• Problem to work on:
Write an exact copy of the entries below that leaves out all pictures.

• Provided records:
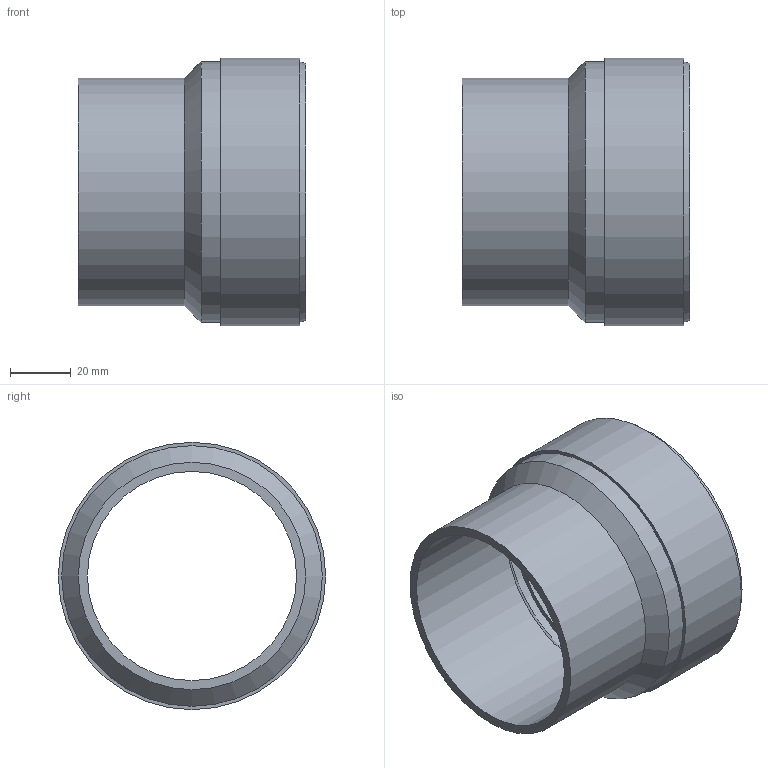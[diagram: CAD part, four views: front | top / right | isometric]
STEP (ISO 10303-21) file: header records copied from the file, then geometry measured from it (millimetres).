
FILE_DESCRIPTION(/* description */ (''),/* implementation_level */ '2;1');
FILE_NAME(/* name */ 'Z:\Geberit\Export\NewStep\PE Übergang mit Innengewinde 2\stp\365725.stp',/* time_stamp */ '2014-04-03T19:13:29+02:00',/* author */ ('nelson'),/* organization */ (''),/* preprocessor_version */ 'ST-DEVELOPER v15.2',/* originating_system */ 'Autodesk Inventor 2014',/* authorisation */ '');
FILE_SCHEMA (('AUTOMOTIVE_DESIGN { 1 0 10303 214 3 1 1 }'));
Length unit declared in the file: millimetre
Products named in the file (1): 365725
Bounding box: 75 x 88.2 x 88.2 mm (x, y, z)
Volume: 97444.8 mm3; surface area: 39830.3 mm2
Topology: 1 solids, 1 shells, 14 faces, 24 edges, 15 vertices
Faces by surface type: cylinder 6, plane 5, cone 3
Full cylindrical faces by diameter (mm): 69 x1, 72.226 x1, 75 x1, 75.184 x1, 86 x1, 88.2 x1
Entity records: 319 total; most frequent: DIRECTION 58, CARTESIAN_POINT 43, AXIS2_PLACEMENT_3D 29, EDGE_LOOP 28, ORIENTED_EDGE 28, FACE_BOUND 18, CIRCLE 14, VERTEX_POINT 14
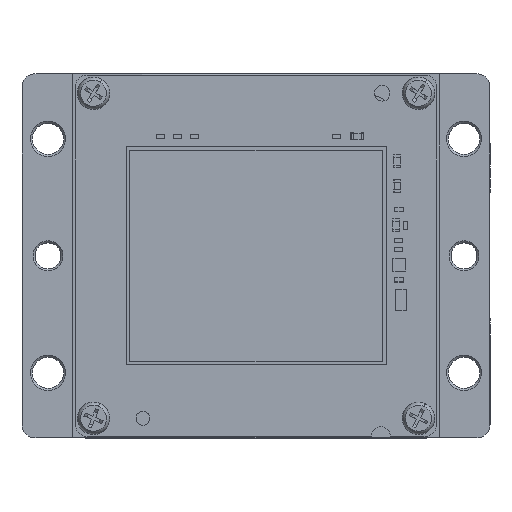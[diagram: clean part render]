
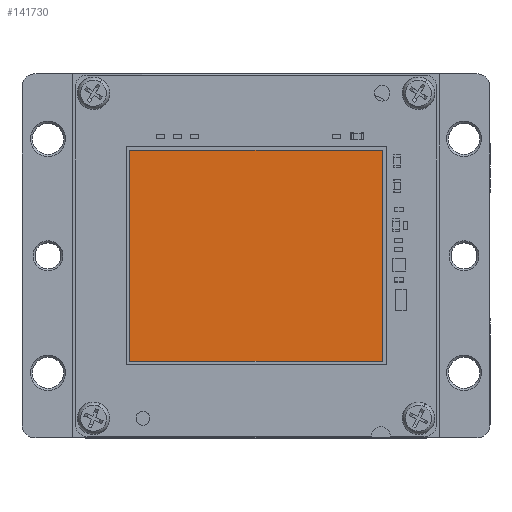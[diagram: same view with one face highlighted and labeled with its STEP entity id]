
A CAD part, top view. The second image highlights one B-rep face of the part: STEP entity #141730.
In plain terms, the highlighted planar face has unit normal (0, 0, 1).
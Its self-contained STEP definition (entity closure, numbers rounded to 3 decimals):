
#3357 = VECTOR ( 'NONE', #110291, 1000. ) ;
#5340 = VERTEX_POINT ( 'NONE', #5817 ) ;
#5817 = CARTESIAN_POINT ( 'NONE',  ( -9.7, 8.1, 2.575 ) ) ;
#10372 = ORIENTED_EDGE ( 'NONE', *, *, #22255, .T. ) ;
#13972 = EDGE_CURVE ( 'NONE', #110792, #71205, #63670, .T. ) ;
#21657 = VECTOR ( 'NONE', #48276, 1000. ) ;
#22255 = EDGE_CURVE ( 'NONE', #98494, #5340, #118799, .T. ) ;
#30191 = ORIENTED_EDGE ( 'NONE', *, *, #13972, .T. ) ;
#36939 = VECTOR ( 'NONE', #76679, 1000. ) ;
#39432 = EDGE_LOOP ( 'NONE', ( #30191, #136658, #10372, #84062 ) ) ;
#40387 = PLANE ( 'NONE',  #99340 ) ;
#48276 = DIRECTION ( 'NONE',  ( 0., -1., 0. ) ) ;
#52764 = FACE_OUTER_BOUND ( 'NONE', #39432, .T. ) ;
#62995 = DIRECTION ( 'NONE',  ( 0., 0., 1. ) ) ;
#63670 = LINE ( 'NONE', #108143, #3357 ) ;
#68323 = EDGE_CURVE ( 'NONE', #5340, #110792, #91297, .T. ) ;
#70526 = CARTESIAN_POINT ( 'NONE',  ( 9.7, 8.1, 2.575 ) ) ;
#71205 = VERTEX_POINT ( 'NONE', #73857 ) ;
#73857 = CARTESIAN_POINT ( 'NONE',  ( 9.7, -8.1, 2.575 ) ) ;
#73931 = DIRECTION ( 'NONE',  ( 1., 0., 0. ) ) ;
#76679 = DIRECTION ( 'NONE',  ( 0., 1., 0. ) ) ;
#84062 = ORIENTED_EDGE ( 'NONE', *, *, #68323, .T. ) ;
#91297 = LINE ( 'NONE', #113225, #21657 ) ;
#96509 = EDGE_CURVE ( 'NONE', #71205, #98494, #122597, .T. ) ;
#98494 = VERTEX_POINT ( 'NONE', #70526 ) ;
#99340 = AXIS2_PLACEMENT_3D ( 'NONE', #129343, #62995, #73931 ) ;
#108143 = CARTESIAN_POINT ( 'NONE',  ( -9.7, -8.1, 2.575 ) ) ;
#110291 = DIRECTION ( 'NONE',  ( 1., 0., 0. ) ) ;
#110471 = CARTESIAN_POINT ( 'NONE',  ( -9.7, -8.1, 2.575 ) ) ;
#110792 = VERTEX_POINT ( 'NONE', #110471 ) ;
#113225 = CARTESIAN_POINT ( 'NONE',  ( -9.7, -8.1, 2.575 ) ) ;
#117322 = CARTESIAN_POINT ( 'NONE',  ( -9.7, 8.1, 2.575 ) ) ;
#118799 = LINE ( 'NONE', #117322, #143239 ) ;
#121168 = CARTESIAN_POINT ( 'NONE',  ( 9.7, -8.1, 2.575 ) ) ;
#122597 = LINE ( 'NONE', #121168, #36939 ) ;
#129343 = CARTESIAN_POINT ( 'NONE',  ( 0., 0., 2.575 ) ) ;
#136658 = ORIENTED_EDGE ( 'NONE', *, *, #96509, .T. ) ;
#138481 = DIRECTION ( 'NONE',  ( -1., 0., 0. ) ) ;
#141730 = ADVANCED_FACE ( 'NONE', ( #52764 ), #40387, .T. ) ;
#143239 = VECTOR ( 'NONE', #138481, 1000. ) ;
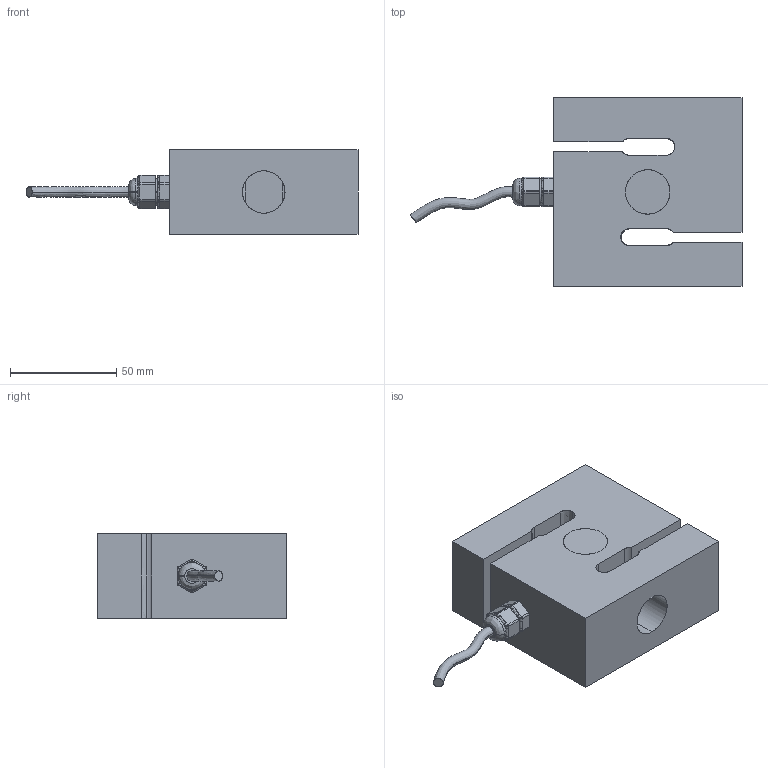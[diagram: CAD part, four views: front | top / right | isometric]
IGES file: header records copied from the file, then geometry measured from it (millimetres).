
Start section: SolidWorks IGES file using analytic representation for surfaces
Global section: file name: C:\Users\nasc01\Desktop\Assemblies for Conversion\Load_Sensor_HISTLB_6.6KLB\Load_Sensor_HISTLB_220LB-2.2KLB_3D\HI STLB-6.6KLB.IGS; native system: SolidWorks 2013; preprocessor: SolidWorks 2013; author: nasc01; date: 141014.100659; units: millimetre
Bounding box: 156.23 x 88.7 x 39.8 mm (x, y, z)
Surface area: 45950.4 mm2 (no closed solid volume)
Topology: 0 solids, 0 shells, 133 faces, 1410 edges, 1410 vertices
Faces by surface type: revolution 69, bspline 64
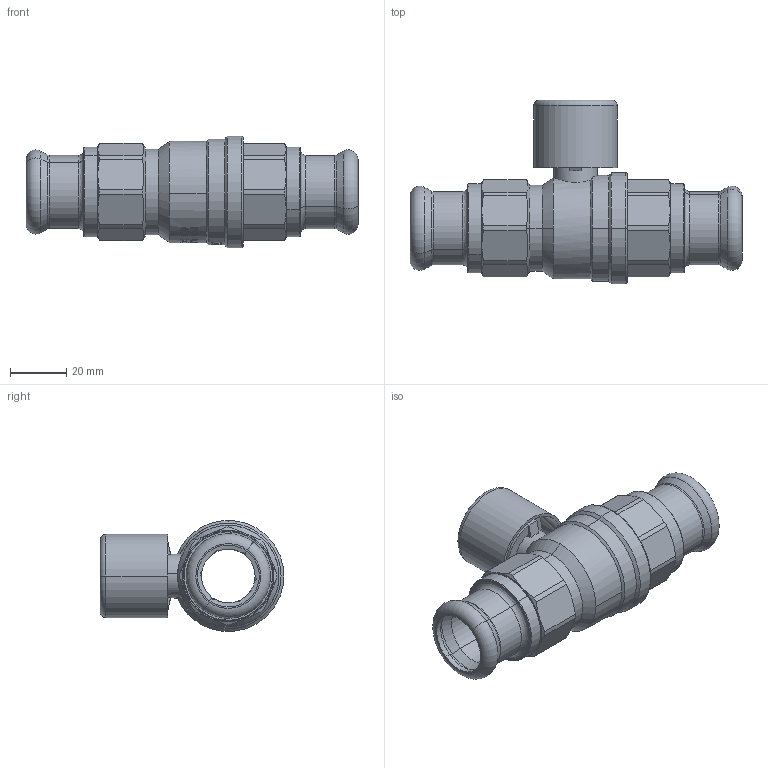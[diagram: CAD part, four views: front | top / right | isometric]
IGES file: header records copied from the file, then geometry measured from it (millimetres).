
Global section: file name: No Iges File Name specified; native system: AutoDesk Inventor R12.0; preprocessor: AutoDesk Inventor Iges Exporter R12.0; date: 20111209.095936; units: millimetre
Bounding box: 117.9 x 65.25 x 39.5 mm (x, y, z)
Volume: 50930 mm3; surface area: 37640.9 mm2
Topology: 1 solids, 6 shells, 619 faces, 1758 edges, 1196 vertices
Faces by surface type: plane 228, revolution 122, cone 89, cylinder 84, bspline 80, torus 14, sphere 2

• Task answer:
[diagram: CAD part, four views: front | top / right | isometric]
STEP (ISO 10303-21) file: header records copied from the file, then geometry measured from it (millimetres).
FILE_DESCRIPTION(/* description */ (''),/* implementation_level */ '2;1');
FILE_NAME(/* name */ 'Z:\Geberit\Export\NewStep\PE Übergang mit Innengewinde 2\stp\365725.stp',/* time_stamp */ '2014-04-03T19:13:29+02:00',/* author */ ('nelson'),/* organization */ (''),/* preprocessor_version */ 'ST-DEVELOPER v15.2',/* originating_system */ 'Autodesk Inventor 2014',/* authorisation */ '');
FILE_SCHEMA (('AUTOMOTIVE_DESIGN { 1 0 10303 214 3 1 1 }'));
Length unit declared in the file: millimetre
Products named in the file (1): 365725
Bounding box: 75 x 88.2 x 88.2 mm (x, y, z)
Volume: 97444.8 mm3; surface area: 39830.3 mm2
Topology: 1 solids, 1 shells, 14 faces, 24 edges, 15 vertices
Faces by surface type: cylinder 6, plane 5, cone 3
Full cylindrical faces by diameter (mm): 69 x1, 72.226 x1, 75 x1, 75.184 x1, 86 x1, 88.2 x1
Entity records: 319 total; most frequent: DIRECTION 58, CARTESIAN_POINT 43, AXIS2_PLACEMENT_3D 29, EDGE_LOOP 28, ORIENTED_EDGE 28, FACE_BOUND 18, CIRCLE 14, VERTEX_POINT 14
[diagram: clean part render]
[diagram: same view with one face highlighted and labeled with its STEP entity id]
A CAD part, top view. The second image highlights one B-rep face of the part: STEP entity #141730.
In plain terms, the highlighted planar face has unit normal (0, 0, 1).
Its self-contained STEP definition (entity closure, numbers rounded to 3 decimals):
#3357 = VECTOR ( 'NONE', #110291, 1000. ) ;
#5340 = VERTEX_POINT ( 'NONE', #5817 ) ;
#5817 = CARTESIAN_POINT ( 'NONE',  ( -9.7, 8.1, 2.575 ) ) ;
#10372 = ORIENTED_EDGE ( 'NONE', *, *, #22255, .T. ) ;
#13972 = EDGE_CURVE ( 'NONE', #110792, #71205, #63670, .T. ) ;
#21657 = VECTOR ( 'NONE', #48276, 1000. ) ;
#22255 = EDGE_CURVE ( 'NONE', #98494, #5340, #118799, .T. ) ;
#30191 = ORIENTED_EDGE ( 'NONE', *, *, #13972, .T. ) ;
#36939 = VECTOR ( 'NONE', #76679, 1000. ) ;
#39432 = EDGE_LOOP ( 'NONE', ( #30191, #136658, #10372, #84062 ) ) ;
#40387 = PLANE ( 'NONE',  #99340 ) ;
#48276 = DIRECTION ( 'NONE',  ( 0., -1., 0. ) ) ;
#52764 = FACE_OUTER_BOUND ( 'NONE', #39432, .T. ) ;
#62995 = DIRECTION ( 'NONE',  ( 0., 0., 1. ) ) ;
#63670 = LINE ( 'NONE', #108143, #3357 ) ;
#68323 = EDGE_CURVE ( 'NONE', #5340, #110792, #91297, .T. ) ;
#70526 = CARTESIAN_POINT ( 'NONE',  ( 9.7, 8.1, 2.575 ) ) ;
#71205 = VERTEX_POINT ( 'NONE', #73857 ) ;
#73857 = CARTESIAN_POINT ( 'NONE',  ( 9.7, -8.1, 2.575 ) ) ;
#73931 = DIRECTION ( 'NONE',  ( 1., 0., 0. ) ) ;
#76679 = DIRECTION ( 'NONE',  ( 0., 1., 0. ) ) ;
#84062 = ORIENTED_EDGE ( 'NONE', *, *, #68323, .T. ) ;
#91297 = LINE ( 'NONE', #113225, #21657 ) ;
#96509 = EDGE_CURVE ( 'NONE', #71205, #98494, #122597, .T. ) ;
#98494 = VERTEX_POINT ( 'NONE', #70526 ) ;
#99340 = AXIS2_PLACEMENT_3D ( 'NONE', #129343, #62995, #73931 ) ;
#108143 = CARTESIAN_POINT ( 'NONE',  ( -9.7, -8.1, 2.575 ) ) ;
#110291 = DIRECTION ( 'NONE',  ( 1., 0., 0. ) ) ;
#110471 = CARTESIAN_POINT ( 'NONE',  ( -9.7, -8.1, 2.575 ) ) ;
#110792 = VERTEX_POINT ( 'NONE', #110471 ) ;
#113225 = CARTESIAN_POINT ( 'NONE',  ( -9.7, -8.1, 2.575 ) ) ;
#117322 = CARTESIAN_POINT ( 'NONE',  ( -9.7, 8.1, 2.575 ) ) ;
#118799 = LINE ( 'NONE', #117322, #143239 ) ;
#121168 = CARTESIAN_POINT ( 'NONE',  ( 9.7, -8.1, 2.575 ) ) ;
#122597 = LINE ( 'NONE', #121168, #36939 ) ;
#129343 = CARTESIAN_POINT ( 'NONE',  ( 0., 0., 2.575 ) ) ;
#136658 = ORIENTED_EDGE ( 'NONE', *, *, #96509, .T. ) ;
#138481 = DIRECTION ( 'NONE',  ( -1., 0., 0. ) ) ;
#141730 = ADVANCED_FACE ( 'NONE', ( #52764 ), #40387, .T. ) ;
#143239 = VECTOR ( 'NONE', #138481, 1000. ) ;
[diagram: CAD part, four views: front | top / right | isometric]
IGES file: header records copied from the file, then geometry measured from it (millimetres).
Start section: SolidWorks IGES file using analytic representation for surfaces
Global section: file name: C:\Users\nasc01\Desktop\Assemblies for Conversion\Load_Sensor_HISTLB_6.6KLB\Load_Sensor_HISTLB_220LB-2.2KLB_3D\HI STLB-6.6KLB.IGS; native system: SolidWorks 2013; preprocessor: SolidWorks 2013; author: nasc01; date: 141014.100659; units: millimetre
Bounding box: 156.23 x 88.7 x 39.8 mm (x, y, z)
Surface area: 45950.4 mm2 (no closed solid volume)
Topology: 0 solids, 0 shells, 133 faces, 1410 edges, 1410 vertices
Faces by surface type: revolution 69, bspline 64
[diagram: CAD part, four views: front | top / right | isometric]
IGES file: header records copied from the file, then geometry measured from it (millimetres).
Global section: file name: No Iges File Name specified; native system: AutoDesk Inventor R12.0; preprocessor: AutoDesk Inventor Iges Exporter R12.0; date: 20111209.095936; units: millimetre
Bounding box: 117.9 x 65.25 x 39.5 mm (x, y, z)
Volume: 50930 mm3; surface area: 37640.9 mm2
Topology: 1 solids, 6 shells, 619 faces, 1758 edges, 1196 vertices
Faces by surface type: plane 228, revolution 122, cone 89, cylinder 84, bspline 80, torus 14, sphere 2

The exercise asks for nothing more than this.